Note that there is not, as of yet, any masked attention implementation here!
Making this version of the Transformer work in practice would require at least that.

### Putting it together

Now we can put the encoder and decoder together:

In [13]:
class Transformer(nn.Module):
    def __init__(
        self, 
        num_encoder_layers: int = 6,
        num_decoder_layers: int = 6,
        dim_model: int = 512, 
        num_heads: int = 6, 
        dim_feedforward: int = 2048, 
        dropout: float = 0.1, 
        activation: nn.Module = nn.ReLU(),
    ):
        super().__init__()
        self.encoder = TransformerEncoder(
            num_layers=num_encoder_layers,
            dim_model=dim_model,
            num_heads=num_heads,
            dim_feedforward=dim_feedforward,
            dropout=dropout,
        )
        self.decoder = TransformerDecoder(
            num_layers=num_decoder_layers,
            dim_model=dim_model,
            num_heads=num_heads,
            dim_feedforward=dim_feedforward,
            dropout=dropout,
        )

    def forward(self, src: Tensor, tgt: Tensor) -> Tensor:
        return self.decoder(tgt, self.encoder(src))
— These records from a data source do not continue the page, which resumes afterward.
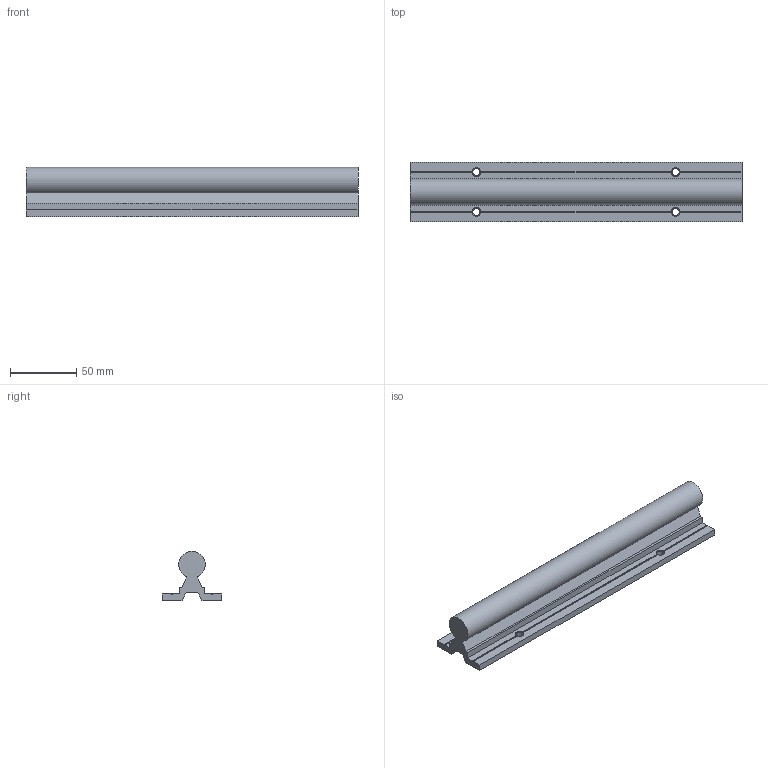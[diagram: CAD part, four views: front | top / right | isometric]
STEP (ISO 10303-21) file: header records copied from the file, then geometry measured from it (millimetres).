
FILE_DESCRIPTION(/* description */ (''),/* implementation_level */ '2;1');
FILE_NAME(/* name */ 'C:\Users\David\Desktop\stepFiles\Profilfuehrung\LFS20x250.stp',/* time_stamp */ '2018-06-24T15:21:50+02:00',/* author */ ('Buskamp'),/* organization */ (''),/* preprocessor_version */ 'ST-DEVELOPER v17',/* originating_system */ 'Autodesk Inventor 2019',/* authorisation */ '');
FILE_SCHEMA (('AUTOMOTIVE_DESIGN { 1 0 10303 214 3 1 1 }'));
Length unit declared in the file: millimetre
Products named in the file (1): Linearführung D20xvariabel
Bounding box: 250 x 45 x 37 mm (x, y, z)
Volume: 161444.9 mm3; surface area: 45446.1 mm2
Topology: 1 solids, 1 shells, 50 faces, 144 edges, 92 vertices
Faces by surface type: plane 37, cone 8, cylinder 5
Full cylindrical faces by diameter (mm): 5.5 x4
Entity records: 1669 total; most frequent: CARTESIAN_POINT 319, ORIENTED_EDGE 288, DIRECTION 268, EDGE_CURVE 144, VERTEX_POINT 92, LINE 90, VECTOR 90, AXIS2_PLACEMENT_3D 89
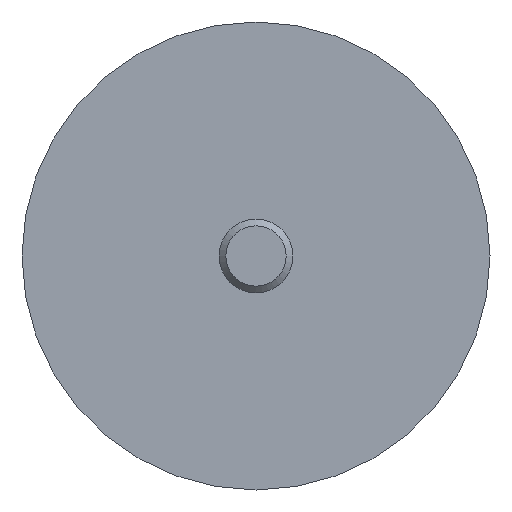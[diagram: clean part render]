
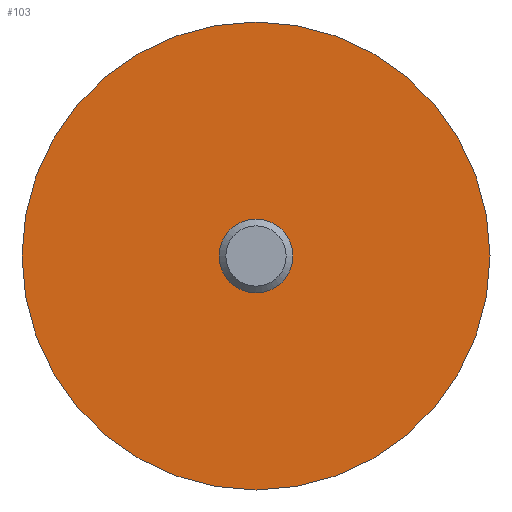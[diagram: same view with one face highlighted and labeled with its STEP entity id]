
A CAD part, front view. The second image highlights one B-rep face of the part: STEP entity #103.
In plain terms, the highlighted planar face has unit normal (0, -1, 0).
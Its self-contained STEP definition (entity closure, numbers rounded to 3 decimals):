
#12 = CARTESIAN_POINT ( 'NONE',  ( 0., -146.705, 0. ) ) ;
#21 = ORIENTED_EDGE ( 'NONE', *, *, #111, .T. ) ;
#24 = DIRECTION ( 'NONE',  ( 0., 0., 1. ) ) ;
#28 = CARTESIAN_POINT ( 'NONE',  ( 0., -146.705, 3. ) ) ;
#44 = FACE_BOUND ( 'NONE', #141, .T. ) ;
#45 = VERTEX_POINT ( 'NONE', #115 ) ;
#46 = EDGE_CURVE ( 'NONE', #45, #45, #221, .T. ) ;
#48 = DIRECTION ( 'NONE',  ( 0., 0., 1. ) ) ;
#54 = AXIS2_PLACEMENT_3D ( 'NONE', #12, #96, #174 ) ;
#63 = CARTESIAN_POINT ( 'NONE',  ( 0., -146.705, 0. ) ) ;
#68 = CARTESIAN_POINT ( 'NONE',  ( 0., -146.705, 0. ) ) ;
#85 = AXIS2_PLACEMENT_3D ( 'NONE', #68, #152, #48 ) ;
#96 = DIRECTION ( 'NONE',  ( 0., 1., 0. ) ) ;
#103 = ADVANCED_FACE ( 'NONE', ( #187, #44 ), #116, .F. ) ;
#108 = ORIENTED_EDGE ( 'NONE', *, *, #46, .F. ) ;
#111 = EDGE_CURVE ( 'NONE', #186, #186, #177, .T. ) ;
#115 = CARTESIAN_POINT ( 'NONE',  ( 0., -146.705, 19. ) ) ;
#116 = PLANE ( 'NONE',  #85 ) ;
#141 = EDGE_LOOP ( 'NONE', ( #21 ) ) ;
#145 = AXIS2_PLACEMENT_3D ( 'NONE', #63, #220, #24 ) ;
#152 = DIRECTION ( 'NONE',  ( 0., 1., 0. ) ) ;
#174 = DIRECTION ( 'NONE',  ( 0., 0., 1. ) ) ;
#177 = CIRCLE ( 'NONE', #54, 3. ) ;
#186 = VERTEX_POINT ( 'NONE', #28 ) ;
#187 = FACE_OUTER_BOUND ( 'NONE', #195, .T. ) ;
#195 = EDGE_LOOP ( 'NONE', ( #108 ) ) ;
#220 = DIRECTION ( 'NONE',  ( 0., 1., 0. ) ) ;
#221 = CIRCLE ( 'NONE', #145, 19. ) ;
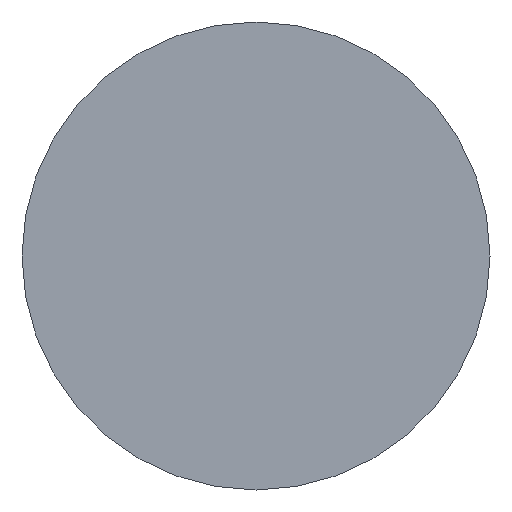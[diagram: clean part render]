
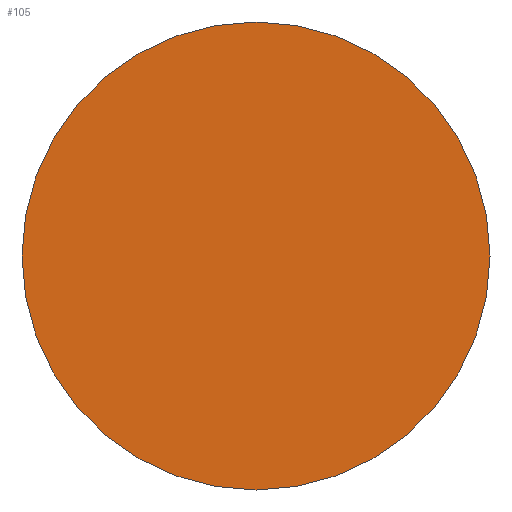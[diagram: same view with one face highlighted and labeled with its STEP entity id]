
A CAD part, front view. The second image highlights one B-rep face of the part: STEP entity #105.
In plain terms, the highlighted planar face has unit normal (0, -1, 0).
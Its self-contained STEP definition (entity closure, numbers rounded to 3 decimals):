
#22 = VERTEX_POINT('',#23);
#23 = CARTESIAN_POINT('',(52.235,38.,-256.978));
#32 = CYLINDRICAL_SURFACE('',#33,2.);
#33 = AXIS2_PLACEMENT_3D('',#34,#35,#36);
#34 = CARTESIAN_POINT('',(50.235,38.,-256.978));
#35 = DIRECTION('',(0.,-1.,-0.));
#36 = DIRECTION('',(1.,0.,0.));
#79 = EDGE_CURVE('',#22,#22,#80,.T.);
#80 = SURFACE_CURVE('',#81,(#86,#93),.PCURVE_S1.);
#81 = CIRCLE('',#82,2.);
#82 = AXIS2_PLACEMENT_3D('',#83,#84,#85);
#83 = CARTESIAN_POINT('',(50.235,38.,-256.978));
#84 = DIRECTION('',(-0.,1.,0.));
#85 = DIRECTION('',(1.,0.,0.));
#86 = PCURVE('',#32,#87);
#87 = DEFINITIONAL_REPRESENTATION('',(#88),#92);
#88 = LINE('',#89,#90);
#89 = CARTESIAN_POINT('',(-0.,0.));
#90 = VECTOR('',#91,1.);
#91 = DIRECTION('',(-1.,0.));
#92 = ( GEOMETRIC_REPRESENTATION_CONTEXT(2) 
PARAMETRIC_REPRESENTATION_CONTEXT() REPRESENTATION_CONTEXT('2D SPACE',''
  ) );
#93 = PCURVE('',#94,#99);
#94 = PLANE('',#95);
#95 = AXIS2_PLACEMENT_3D('',#96,#97,#98);
#96 = CARTESIAN_POINT('',(50.235,38.,-256.978));
#97 = DIRECTION('',(0.,1.,0.));
#98 = DIRECTION('',(0.,-0.,1.));
#99 = DEFINITIONAL_REPRESENTATION('',(#100),#104);
#100 = CIRCLE('',#101,2.);
#101 = AXIS2_PLACEMENT_2D('',#102,#103);
#102 = CARTESIAN_POINT('',(0.,0.));
#103 = DIRECTION('',(0.,1.));
#104 = ( GEOMETRIC_REPRESENTATION_CONTEXT(2) 
PARAMETRIC_REPRESENTATION_CONTEXT() REPRESENTATION_CONTEXT('2D SPACE',''
  ) );
#105 = ADVANCED_FACE('',(#106),#94,.F.);
#106 = FACE_BOUND('',#107,.F.);
#107 = EDGE_LOOP('',(#108));
#108 = ORIENTED_EDGE('',*,*,#79,.T.);
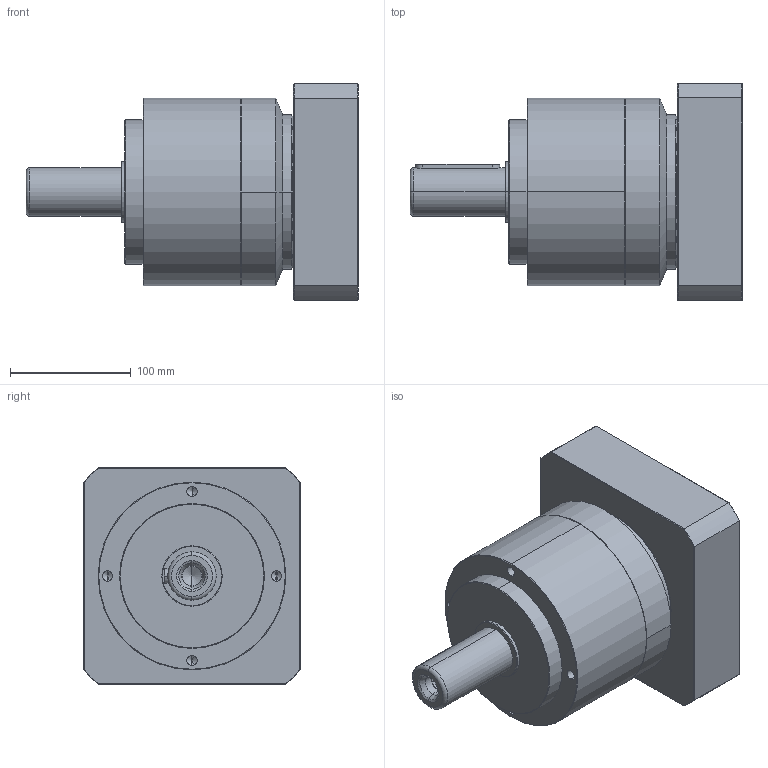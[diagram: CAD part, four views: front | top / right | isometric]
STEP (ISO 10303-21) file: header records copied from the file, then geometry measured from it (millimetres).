
FILE_DESCRIPTION (( 'STEP AP203' ), '1' );
FILE_NAME ('TCE155-L1-35-114.3-200-M12-91-15.STEP', '2020-11-24T08:15:49', ( '' ), ( '' ), 'SwSTEP 2.0', 'SolidWorks 2017', '' );
FILE_SCHEMA (( 'CONFIG_CONTROL_DESIGN' ));
Length unit declared in the file: millimetre
Products named in the file (1): TCE155-L1-35-114.3-200-M12-91-15
Bounding box: 275.2 x 180 x 180 mm (x, y, z)
Volume: 3878820.7 mm3; surface area: 243245.4 mm2
Topology: 3 solids, 3 shells, 159 faces, 346 edges, 195 vertices
Faces by surface type: cylinder 60, cone 56, plane 33, torus 10
Entity records: 4519 total; most frequent: CARTESIAN_POINT 982, DIRECTION 794, ORIENTED_EDGE 656, EDGE_CURVE 328, AXIS2_PLACEMENT_3D 327, VERTEX_POINT 195, EDGE_LOOP 183, CIRCLE 167

Let’s create a simple test, as a sanity check for our implementation. We can construct random tensors for the input and target sequences, check that our model executes without errors, and confirm that the output tensor has the correct shape:

In [14]:
src = torch.rand(64, 32, 512)
tgt = torch.rand(64, 16, 512)
out = Transformer()(src, tgt)
print(out.shape)
# torch.Size([64, 16, 512])

torch.Size([64, 16, 512])


You could try implementing masked attention and training this Transformer model on a
sequence-to-sequence problem. However, to understand masking, you might first find
the [PyTorch Transformer tutorial](https://pytorch.org/tutorials/beginner/transformer_tutorial.html)
useful. Note that this model is only a Transformer encoder for language modeling, but it uses
masking in the encoder's self attention module.